Elevated FGF-23 and iPTH levels indicate secondary hyperparathyroidism in patients with CKD. In such conditions, 25(OH)D levels tend to decrease [35]. In the KDIGO guidelines, the suggested upper normal limit of iPTH is 65 pg/mL [2]. In Table 4, FGF-23 and iPTH levels were higher in patients with a low eGFR. Particularly, the mean iPTH level in patients with and eGFR < 30 mL/min/1.73 m2 was over 65 pg/mL, suggesting hyperparathyroidism. In our study, our results showed no significant differences in total 25(OH)D, VDBP, bioavailable 25(OH)D, and free 25(OH)D levels among patients in different eGFR groups. Additionally, serum VDBP levels showed no correlation with eGFR or with the presence or absence of diabetes or albuminuria. Meanwhile, 24,25(OH)2D and VMR levels were lower in patients with an eGFR < 30 mL/min/1.73 m2. These results show that 24,25(OH)2D and VMR may be more strongly correlated with eGFR than other vitamin D markers.

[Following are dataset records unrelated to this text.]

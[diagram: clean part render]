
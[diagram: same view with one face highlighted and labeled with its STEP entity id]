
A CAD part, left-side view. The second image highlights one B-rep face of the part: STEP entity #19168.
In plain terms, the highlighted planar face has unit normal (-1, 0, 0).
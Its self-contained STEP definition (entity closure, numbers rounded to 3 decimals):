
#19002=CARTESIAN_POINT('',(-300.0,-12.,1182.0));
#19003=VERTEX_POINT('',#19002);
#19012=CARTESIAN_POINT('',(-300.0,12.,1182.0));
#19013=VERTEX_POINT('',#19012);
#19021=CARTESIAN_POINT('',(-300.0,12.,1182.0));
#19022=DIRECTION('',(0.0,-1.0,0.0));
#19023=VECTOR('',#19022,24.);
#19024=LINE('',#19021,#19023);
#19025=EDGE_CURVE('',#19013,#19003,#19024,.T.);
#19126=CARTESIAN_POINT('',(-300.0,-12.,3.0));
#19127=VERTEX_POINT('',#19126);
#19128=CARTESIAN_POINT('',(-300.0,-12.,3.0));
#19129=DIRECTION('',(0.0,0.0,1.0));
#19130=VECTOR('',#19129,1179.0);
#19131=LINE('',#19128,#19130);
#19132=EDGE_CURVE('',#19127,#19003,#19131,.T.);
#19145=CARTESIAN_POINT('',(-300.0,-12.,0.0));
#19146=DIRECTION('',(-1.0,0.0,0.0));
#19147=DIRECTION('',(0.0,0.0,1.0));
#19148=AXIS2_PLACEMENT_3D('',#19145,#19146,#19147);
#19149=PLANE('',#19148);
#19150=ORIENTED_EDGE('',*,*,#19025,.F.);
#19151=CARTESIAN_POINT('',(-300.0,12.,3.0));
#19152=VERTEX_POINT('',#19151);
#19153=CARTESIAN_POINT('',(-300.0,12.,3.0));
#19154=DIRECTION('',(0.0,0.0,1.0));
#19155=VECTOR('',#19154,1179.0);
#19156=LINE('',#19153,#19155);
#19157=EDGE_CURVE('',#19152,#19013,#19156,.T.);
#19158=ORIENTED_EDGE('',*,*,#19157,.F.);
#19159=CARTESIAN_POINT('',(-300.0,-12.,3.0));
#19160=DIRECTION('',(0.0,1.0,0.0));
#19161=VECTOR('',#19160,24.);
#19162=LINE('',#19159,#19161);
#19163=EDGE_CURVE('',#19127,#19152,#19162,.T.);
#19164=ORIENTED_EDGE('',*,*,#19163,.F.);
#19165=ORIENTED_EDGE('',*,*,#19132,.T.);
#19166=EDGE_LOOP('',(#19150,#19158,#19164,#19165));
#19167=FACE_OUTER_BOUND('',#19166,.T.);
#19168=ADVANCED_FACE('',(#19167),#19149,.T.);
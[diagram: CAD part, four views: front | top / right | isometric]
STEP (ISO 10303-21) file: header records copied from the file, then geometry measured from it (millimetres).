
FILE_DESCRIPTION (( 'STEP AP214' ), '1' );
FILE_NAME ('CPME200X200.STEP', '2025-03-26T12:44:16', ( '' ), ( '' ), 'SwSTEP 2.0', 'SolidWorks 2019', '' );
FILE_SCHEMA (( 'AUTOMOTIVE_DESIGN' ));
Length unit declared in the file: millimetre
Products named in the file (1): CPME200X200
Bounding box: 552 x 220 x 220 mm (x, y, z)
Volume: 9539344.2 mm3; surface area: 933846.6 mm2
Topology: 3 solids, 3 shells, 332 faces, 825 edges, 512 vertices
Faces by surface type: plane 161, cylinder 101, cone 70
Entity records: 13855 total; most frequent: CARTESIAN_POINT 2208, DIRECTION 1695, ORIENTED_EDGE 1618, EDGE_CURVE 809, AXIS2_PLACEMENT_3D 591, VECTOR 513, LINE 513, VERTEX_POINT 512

The 25(OH)D level tends to decrease as albuminuria worsens in patients with diabetes [36]. As bioavailable 25(OH)D includes albumin-bound 25(OH)D, 25(OH)D may be influenced by albuminuria or hypoalbuminemia. In a study conducted on patients with end-stage renal disease, bioavailable 25(OH)D may have a stronger association with the results of bone mineral density testing compared to total 25(OH)D or free 25(OH)D. Measuring levels of bioavailable 25(OH)D considers the binding status with albumin or vitamin D binding protein, which can vary in patients with CKD. It is proposed that this approach may be more biologically reliable than simply measuring the total 25(OH)D level [37]. As shown in Table 5, in patients with DKD, total 25(OH)D, 24,25(OH)2D, bioavailable 25(OH)D, and free 25(OH)D levels significantly decreased when uPCR increased. Interestingly, even in patients without DKD, only bioavailable 25(OH)D levels showed a significant change according to the uPCR (Table 6). Therefore, our results indicate that bioavailable 25(OH)D may be a reliable vitamin D marker in patients with CKD presenting with albuminuria regardless of the presence or absence of diabetes.
Our study has two limitations. First, it was conducted at a single center, and the study population consisted only of Koreans, which may limit its generalizability to a broader CKD patient population across diverse healthcare settings and geographic regions. Additionally, although patients taking vitamin D, calcium supplements, and calcium-based phosphorus binders that could affect vitamin D levels were excluded, environmental factors, such as individual dietary vitamin D intake or differences in sunlight exposure, were not accounted for.